Nilsa 09.03.08 at 8:53 am

This is an incredibly moving post. I’ve gotta tell ya, I was never one to get weepy at weddings. I was always brimming with happiness for the couple. And was usually able to quickly quell any feelings of “why not me?!” But, now? Now that my own wedding is 6 weeks away? I cry at anything and everything wedding. In summary, you brought tears to my eyes. I hope you can work through these feelings you’re having.

nicoleantoinette 09.03.08 at 5:45 pm

I haven’t been to a wedding in years but am convinced I would be just as emotional.

cooper 09.03.08 at 6:48 pm

Emotion is a catharsis of sorts, no matter what kind. It’s best though if it’s positive emotion. Whatever it is that lets you know you’re living, not just existing, is a good thing.

It like squeezing out a wet rag, sometimes it just get so soaked it has to be done.

…coopers latest post…Tote My Notes

kja 09.04.08 at 1:05 am

who got married? all the weddings i went to this summer were kind of bland. even the lesbian one that i was so excited to attend, they managed to only serve hors d’oeuvres and had no dancing :(
might i add, it’s such a relief to read something apolitical. though my fanaticism is self-imposed, it’s quite refreshing.

the almost right word 09.04.08 at 9:38 am

S - I keep wondering if it has anything to do with the anti-depressants at all. Perhaps it does. In fact, it probably does. I just don’t remember experiencing anything like this the last time I went off them!

Nilsa - I’m not one to cry at weddings either. Somehow, this one *got* me. Thank you for your compliments. You make me want to cry all over again. ;)
cooper - you hit the nail on the head, so to speak. I have been finding this sudden surge of emotion to be very cathartic, a reminder that I am alive and *that* is something to pay attention to.

kja - A friend from “childhood” got married. I was similarly disappointed — the music was all oldies and I was hoping for some good, quality hip hop fun. ;) I didn’t dance at all. And, the food was average. And, the bar was limited…I too am finding apolitical posts to be rather inviting these days.

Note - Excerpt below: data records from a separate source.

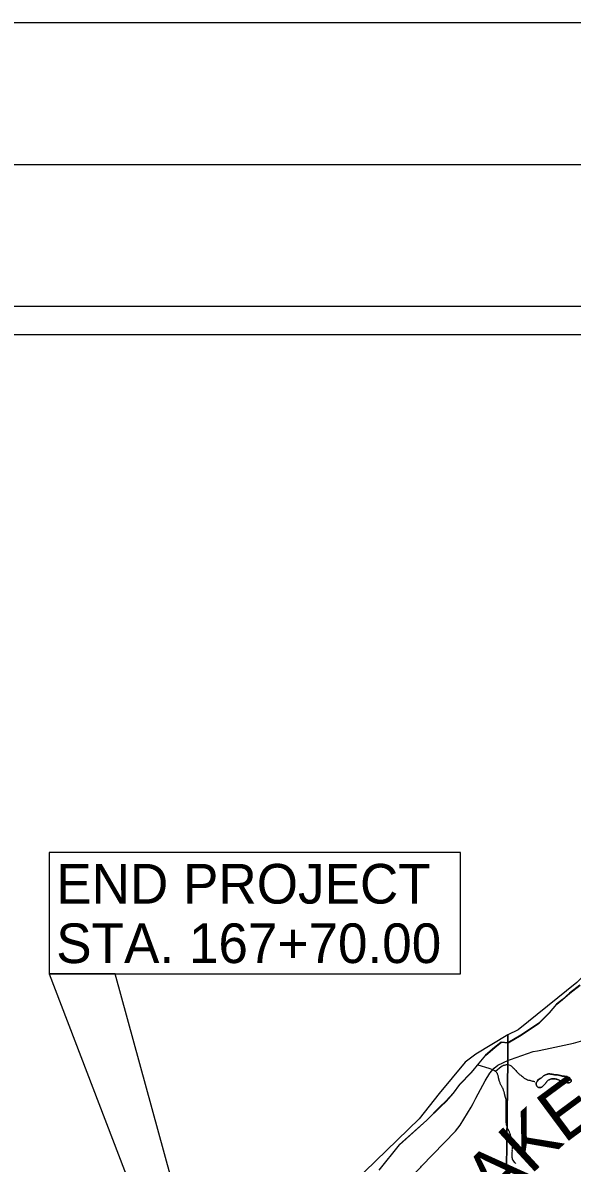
# Model space of a CAD drawing. Extents: x 0 to 34, y 0 to 22.
# Drawn here: x 4.217 to 6.155, y 17.975 to 22 of the extents above; entities that cross this region are included whole.
import ezdxf

# ---------------------------------------------------------------- set-up
doc = ezdxf.new("R2010")
doc.units = 0
for name, color, linetype in [('Default', 7, 'Continuous'), ('GM_X_Corporation', 7, 'Continuous'), ('GM_X_County_Text', 7, 'Continuous'), ('GM_X_Major_Lake', 7, 'Continuous'), ('GM_X_Minor_Lake', 7, 'Continuous'), ('GM_X_Minor_River', 7, 'Continuous'), ('GM_X_State_Route', 7, 'Continuous'), ('SH_Border', 7, 'Continuous'), ('SH_Cut_Line', 7, 'Continuous'), ('SH_Data', 7, 'Continuous'), ('SH_Text', 7, 'Continuous')]:
    doc.layers.add(name, color=color, linetype=linetype)

msp = doc.modelspace()

# ---------------------------------------------------------------- linework, layer by layer
at = {"layer": 'Default'}
msp.add_line((1.5, 21.5), (32, 21.5), dxfattribs=at)
at = {"layer": 'GM_X_Corporation'}
for points in [[(6.9502, 17.5872), (6.9579, 18.132), (6.9678, 18.7128), (6.9757, 18.7441), (6.9797, 18.9177), (6.9785, 19.0928), (6.982, 19.1525), (6.9801, 19.32), (6.853, 19.2258), (6.8192, 19.1935), (6.7498, 19.1303), (6.6516, 19.0408), (6.5511, 18.9721), (6.5041, 18.9408), (6.4162, 18.8547), (6.3769, 18.8098), (6.2533, 18.6952), (6.1715, 18.6122), (5.9643, 18.4453), (5.9276, 18.4276), (5.9278, 18.3408), (5.912, 16.9809)], [(6.1818, 18.6027), (6.1462, 18.5745), (6.1205, 18.552), (6.1002, 18.5358), (6.0744, 18.5057), (6.0371, 18.4684), (5.9736, 18.4264), (5.9285, 18.3999), (5.9042, 18.4013), (5.8816, 18.3829), (5.8498, 18.3554), (5.8256, 18.3279), (5.7986, 18.2943), (5.7571, 18.2525), (5.7351, 18.2216), (5.7098, 18.1929), (5.6894, 18.1741), (5.6418, 18.1263), (5.5444, 18.0394), (5.4735, 17.9496)], [(6.1818, 18.6027), (6.1462, 18.5745), (6.1205, 18.552), (6.1002, 18.5358), (6.0744, 18.5057), (6.0371, 18.4684), (5.9736, 18.4264), (5.9285, 18.3999), (5.9042, 18.4013), (5.8816, 18.3829), (5.8498, 18.3554), (5.8256, 18.3279), (5.7986, 18.2943), (5.7571, 18.2525), (5.7351, 18.2216), (5.7098, 18.1929), (5.6894, 18.1741), (5.6418, 18.1263), (5.5444, 18.0394), (5.4735, 17.9496)], [(5.912, 16.9809), (5.9278, 18.3408), (5.9276, 18.4276), (5.8148, 18.3594), (5.7778, 18.3311), (5.6854, 18.2203), (5.6148, 18.1311), (5.3086, 17.8335)]]:
    msp.add_lwpolyline(points, dxfattribs=at)
at = {"layer": 'GM_X_Major_Lake'}
msp.add_lwpolyline([(5.4746, 17.9495), (5.5454, 18.0393), (5.6429, 18.1262), (5.6905, 18.174), (5.7108, 18.1928), (5.7362, 18.2215), (5.7582, 18.2525), (5.7997, 18.2943), (5.8266, 18.3279), (5.8509, 18.3554), (5.8827, 18.3828), (5.9053, 18.4012), (5.9296, 18.3998), (5.9747, 18.4264), (6.0382, 18.4683), (6.0755, 18.5056), (6.1012, 18.5358), (6.1215, 18.5519), (6.1472, 18.5745), (6.1829, 18.6026)], dxfattribs=at)
msp.add_lwpolyline([(5.4746, 17.9495), (5.5454, 18.0393), (5.6429, 18.1262), (5.6905, 18.174), (5.7108, 18.1928), (5.7362, 18.2215), (5.7582, 18.2525), (5.7997, 18.2943), (5.8266, 18.3279), (5.8509, 18.3554), (5.8827, 18.3828), (5.9053, 18.4012), (5.9296, 18.3998), (5.9747, 18.4264), (6.0382, 18.4683), (6.0755, 18.5056), (6.1012, 18.5358), (6.1215, 18.5519), (6.1472, 18.5745), (6.1829, 18.6026)], dxfattribs=at)
at = {"layer": 'GM_X_Minor_Lake'}
for points in [[(6.029, 18.2486), (6.0305, 18.2464), (6.0325, 18.2441), (6.0344, 18.243), (6.0363, 18.2422), (6.0382, 18.2419), (6.042, 18.2415), (6.0442, 18.2419), (6.0465, 18.2427), (6.0484, 18.2431), (6.0518, 18.2462), (6.054, 18.2485), (6.0567, 18.2516), (6.0585, 18.2535), (6.0604, 18.2558), (6.0623, 18.2585), (6.0642, 18.2608), (6.066, 18.2631), (6.0675, 18.265), (6.0709, 18.2677), (6.0739, 18.2689), (6.0762, 18.27), (6.0788, 18.2712), (6.0819, 18.2724), (6.0845, 18.2728), (6.0864, 18.2728), (6.0887, 18.2725), (6.091, 18.2725), (6.0929, 18.2721), (6.0952, 18.2718), (6.0982, 18.271), (6.1005, 18.2707), (6.1089, 18.2677), (6.1115, 18.2666), (6.115, 18.2655), (6.1176, 18.2644), (6.1195, 18.2632), (6.123, 18.2621), (6.1256, 18.2614), (6.1291, 18.2603), (6.1321, 18.2596), (6.134, 18.2592), (6.1367, 18.2589), (6.139, 18.2585), (6.142, 18.2581), (6.1443, 18.2585), (6.1473, 18.2593), (6.1496, 18.2605), (6.1514, 18.2632), (6.1514, 18.2655), (6.151, 18.2689), (6.1494, 18.2712), (6.1471, 18.2738), (6.1441, 18.2768), (6.1414, 18.2783), (6.1357, 18.2798), (6.1323, 18.2801), (6.1296, 18.2809), (6.1277, 18.2812), (6.1247, 18.2816), (6.122, 18.2819), (6.1201, 18.2823), (6.1182, 18.283), (6.1163, 18.2834), (6.114, 18.2841), (6.1117, 18.2845), (6.1094, 18.2848), (6.1068, 18.2856), (6.1037, 18.2863), (6.1014, 18.2867), (6.098, 18.287), (6.0957, 18.287), (6.0931, 18.287), (6.0904, 18.2873), (6.087, 18.2877), (6.0843, 18.2884), (6.0821, 18.2888), (6.0802, 18.2891), (6.0783, 18.2891), (6.0764, 18.2895), (6.0745, 18.2894), (6.071, 18.2894), (6.0692, 18.289), (6.0673, 18.2886), (6.0642, 18.2878), (6.0612, 18.2866), (6.0586, 18.2855), (6.0559, 18.2839), (6.054, 18.2828), (6.0522, 18.2816), (6.0499, 18.2789), (6.0465, 18.2762), (6.0439, 18.2747), (6.0416, 18.2731), (6.039, 18.2712), (6.0356, 18.2685), (6.0333, 18.2658), (6.0311, 18.2631), (6.03, 18.2612)], [(6.03, 18.2612), (6.0304, 18.262), (6.03, 18.2612), (6.0311, 18.2631), (6.0333, 18.2658), (6.0356, 18.2685), (6.039, 18.2712), (6.0416, 18.2731), (6.0439, 18.2747), (6.0465, 18.2762), (6.0499, 18.2789), (6.0522, 18.2816), (6.054, 18.2828), (6.0559, 18.2839), (6.0586, 18.2855), (6.0612, 18.2866), (6.0642, 18.2878), (6.0673, 18.2886), (6.0692, 18.289), (6.071, 18.2894), (6.0745, 18.2894), (6.0764, 18.2895), (6.0783, 18.2891), (6.0802, 18.2891), (6.0821, 18.2888), (6.0843, 18.2884), (6.087, 18.2877), (6.0904, 18.2873), (6.0931, 18.287), (6.0957, 18.287), (6.098, 18.287), (6.1014, 18.2867), (6.1037, 18.2863), (6.1068, 18.2856), (6.1094, 18.2848), (6.1117, 18.2845), (6.114, 18.2841), (6.1163, 18.2834), (6.1182, 18.283), (6.1201, 18.2823), (6.122, 18.2819), (6.1247, 18.2816), (6.1277, 18.2812), (6.1296, 18.2809), (6.1323, 18.2801), (6.1357, 18.2798), (6.1414, 18.2783), (6.1441, 18.2768), (6.1471, 18.2738), (6.1494, 18.2712), (6.151, 18.2689), (6.1514, 18.2655), (6.1514, 18.2632), (6.1496, 18.2605), (6.1473, 18.2593), (6.1443, 18.2585), (6.142, 18.2581), (6.139, 18.2585), (6.1367, 18.2589), (6.134, 18.2592), (6.1321, 18.2596), (6.1291, 18.2603), (6.1256, 18.2614), (6.123, 18.2621), (6.1195, 18.2632), (6.1176, 18.2644), (6.115, 18.2655), (6.1115, 18.2666), (6.1089, 18.2677), (6.1005, 18.2707), (6.0982, 18.271), (6.0952, 18.2718), (6.0929, 18.2721), (6.091, 18.2725), (6.0887, 18.2725), (6.0864, 18.2728), (6.0845, 18.2728), (6.0819, 18.2724), (6.0788, 18.2712), (6.0762, 18.27), (6.0739, 18.2689), (6.0709, 18.2677), (6.0675, 18.265), (6.066, 18.2631), (6.0642, 18.2608), (6.0623, 18.2585), (6.0604, 18.2558), (6.0585, 18.2535), (6.0567, 18.2516), (6.054, 18.2485), (6.0518, 18.2462), (6.0484, 18.2431), (6.0465, 18.2427), (6.0442, 18.2419), (6.042, 18.2415), (6.0382, 18.2419), (6.0363, 18.2422), (6.0344, 18.243), (6.0325, 18.2441), (6.0305, 18.2464), (6.029, 18.2486)], [(6.029, 18.2486), (6.0285, 18.254), (6.0285, 18.2566), (6.0296, 18.2601), (6.0311, 18.262)], [(6.03, 18.2612), (6.0285, 18.2566), (6.0285, 18.254), (6.029, 18.2486)]]:
    msp.add_lwpolyline(points, dxfattribs=at)
at = {"layer": 'GM_X_Minor_River'}
for points in [[(5.822, 18.3218), (5.8605, 18.3094), (5.8643, 18.3083), (5.8701, 18.3064), (5.8731, 18.3053), (5.8758, 18.3042), (5.8781, 18.3035), (5.8811, 18.3016), (5.8842, 18.2993), (5.8865, 18.2971), (5.8884, 18.2944), (5.89, 18.2918), (5.8907, 18.2895), (5.8915, 18.2872), (5.8923, 18.285), (5.8927, 18.2827), (5.8935, 18.2804), (5.8939, 18.2785), (5.8943, 18.2766), (5.8951, 18.2732), (5.8955, 18.2713), (5.8963, 18.2694), (5.8967, 18.2675), (5.8975, 18.2645), (5.8983, 18.2618), (5.8994, 18.2591), (5.9002, 18.2569), (5.9014, 18.2546), (5.9022, 18.2527), (5.9029, 18.2508), (5.9041, 18.2489), (5.906, 18.2459), (5.9068, 18.244), (5.908, 18.2421), (5.9088, 18.2402), (5.9103, 18.2368), (5.9111, 18.2345), (5.9119, 18.2322), (5.9127, 18.23), (5.9134, 18.2281), (5.9142, 18.2262), (5.9146, 18.2235), (5.9154, 18.2205), (5.919, 18.208), (5.9198, 18.2042), (5.9206, 18.2007), (5.921, 18.1973), (5.921, 18.1946), (5.9211, 18.1924), (5.9211, 18.1901), (5.9211, 18.187), (5.9212, 18.1832), (5.9212, 18.1798), (5.9209, 18.1745), (5.9209, 18.1703), (5.921, 18.1669), (5.921, 18.1642), (5.921, 18.1619), (5.921, 18.1596), (5.9211, 18.1573), (5.9211, 18.1551), (5.9211, 18.1524), (5.9212, 18.1494), (5.9212, 18.1463), (5.9212, 18.1433), (5.9209, 18.1398), (5.9209, 18.1364), (5.921, 18.1326), (5.921, 18.128), (5.9211, 18.1242), (5.9215, 18.1208), (5.9215, 18.1181), (5.9219, 18.1155), (5.9223, 18.1132), (5.9227, 18.1113), (5.9235, 18.1071), (5.9243, 18.1052), (5.9255, 18.1026), (5.9263, 18.0999), (5.9274, 18.0973), (5.9282, 18.0954), (5.9294, 18.0935), (5.9306, 18.0904), (5.9313, 18.0885), (5.9325, 18.0863), (5.9333, 18.0836), (5.9348, 18.0798), (5.936, 18.0768), (5.9368, 18.0737), (5.9376, 18.0711), (5.9388, 18.0681), (5.9412, 18.0589), (5.9416, 18.0559), (5.9424, 18.0529), (5.9428, 18.0502), (5.9432, 18.0472), (5.9436, 18.0449)], [(5.8842, 18.2993), (5.9045, 18.3163), (5.9075, 18.3179), (5.9098, 18.3186), (5.9132, 18.3202), (5.9158, 18.321), (5.9192, 18.3218), (5.9215, 18.3222), (5.9238, 18.3226), (5.926, 18.3226), (5.9279, 18.323), (5.9298, 18.323), (5.9356, 18.3204), (5.9375, 18.3193), (5.9402, 18.3178), (5.9424, 18.3163), (5.9451, 18.3137), (5.9474, 18.311), (5.9501, 18.3088), (5.952, 18.3065), (5.9544, 18.3039), (5.9563, 18.3012), (5.959, 18.2978), (5.9605, 18.2959), (5.964, 18.2918), (5.967, 18.2899), (5.9689, 18.2884), (5.9709, 18.2869), (5.9735, 18.285), (5.9766, 18.2828), (5.98, 18.2801), (5.9831, 18.2775), (5.9858, 18.2752), (5.9881, 18.2737), (5.9904, 18.2726), (5.9923, 18.2715), (5.9942, 18.2708), (5.9976, 18.2693), (6.0011, 18.2682), (6.0052, 18.2671), (6.0079, 18.2659), (6.0113, 18.2652), (6.0132, 18.2649), (6.0151, 18.2641), (6.0182, 18.2638), (6.0205, 18.2634), (6.0224, 18.263), (6.0228, 18.263)], [(5.9436, 18.0449), (5.9436, 18.0422), (5.944, 18.0392), (5.9437, 18.0365), (5.9437, 18.0338), (5.9434, 18.0316), (5.9434, 18.0293), (5.943, 18.0266), (5.9431, 18.0243), (5.9427, 18.0217), (5.9428, 18.0178), (5.9424, 18.0129), (5.9421, 18.0091), (5.9421, 18.006), (5.9422, 18.0034), (5.9422, 18.0011), (5.9426, 17.9984), (5.9426, 17.9954), (5.943, 17.9927), (5.9434, 17.9904), (5.9446, 17.9866), (5.9454, 17.9847), (5.9477, 17.9817), (5.95, 17.9787), (5.9519, 17.9772), (5.9535, 17.9753), (5.9554, 17.9738)]]:
    msp.add_lwpolyline(points, dxfattribs=at)
at = {"layer": 'GM_X_State_Route'}
for points in [[(6.0326, 18.3714), (6.0607, 18.3774), (6.1592, 18.3982), (6.2087, 18.4126), (6.218, 18.4153), (6.2484, 18.4247), (6.2999, 18.4406), (6.3436, 18.4542), (6.3878, 18.4684)], [(5.937, 18.3409), (6.018, 18.3683), (6.0326, 18.3714)], [(5.8056, 18.1847), (5.8155, 18.2035), (5.8481, 18.2653), (5.8649, 18.2925), (5.8798, 18.3094), (5.8926, 18.32), (5.9303, 18.3386), (5.937, 18.3409)], [(5.163, 17.4993), (5.2208, 17.5572), (5.3722, 17.7088), (5.3771, 17.7136), (5.5209, 17.8566), (5.5553, 17.8909), (5.5592, 17.895), (5.5864, 17.924), (5.6209, 17.9608), (5.6236, 17.9637), (5.7433, 18.0872), (5.7594, 18.1087), (5.799, 18.1721), (5.8056, 18.1847)]]:
    msp.add_lwpolyline(points, dxfattribs=at)
at = {"layer": 'SH_Border'}
for points in [[(1.5, 21.5), (33.5, 21.5), (33.5, 0.5), (1.5, 0.5)], [(4.3095, 18.6434), (5.7614, 18.6434), (5.7614, 19.0717), (4.3095, 19.0717)]]:
    msp.add_lwpolyline(points, close=True, dxfattribs=at)
at = {"layer": 'SH_Cut_Line'}
msp.add_lwpolyline([(0, 0), (34, 0), (34, 22), (0, 22)], close=True, dxfattribs=at)
at = {"layer": 'SH_Data'}
for p, q in [((2, 21), (9, 21)), ((2.1, 20.9), (8.9, 20.9))]:
    msp.add_line(p, q, dxfattribs=at)
at = {"layer": 'SH_Text'}
msp.add_lwpolyline([(4.3095, 18.6434), (5.1284, 16.5056), (4.5432, 18.6434)], close=True, dxfattribs=at)

# ---------------------------------------------------------------- texts
at = {"layer": 'GM_X_County_Text'}
for s, rotation, p in [('E', 36.5386, (6.1264, 18.0412)), ('K', 42.6441, (6.0074, 17.9311)), ('A', 45.2918, (5.8912, 17.8137))]:
    msp.add_text(s, height=0.1894, rotation=rotation, dxfattribs=at).set_placement(p)
at = {"layer": 'SH_Text'}
for s, p in [('END PROJECT', (4.3349, 18.8909)), ('STA. 167+70.00  ', (4.3349, 18.6809))]:
    msp.add_text(s, height=0.14, dxfattribs=at).set_placement(p)

doc.saveas('drawing.dxf')

Cassandra 09.04.08 at 12:31 pm

I’ve always been pretty emotional, but it seems like lately I tear up over things like sad endings in tv dramas. I’ve never done that! I’ve been off anti-depressants for a year or two now, so I don’t know if it has to do with that, but geez…I feel so cheesy sometimes. As for weddings, I know how you feel. I wanted to cry at the last one I went to. Strangely enough, the couple got divorced about a year later. Ha!

…Cassandras latest post…Art has no plan…

the almost right word 09.04.08 at 12:34 pm

Cassandra - That is exactly what is happening to me! Even a terrible movie will move me to tears! It’s rather invigorating, but a little unsettling nonetheless.

Athena 09.06.08 at 6:00 pm

You write beautifully… I’m so sorry about your dog.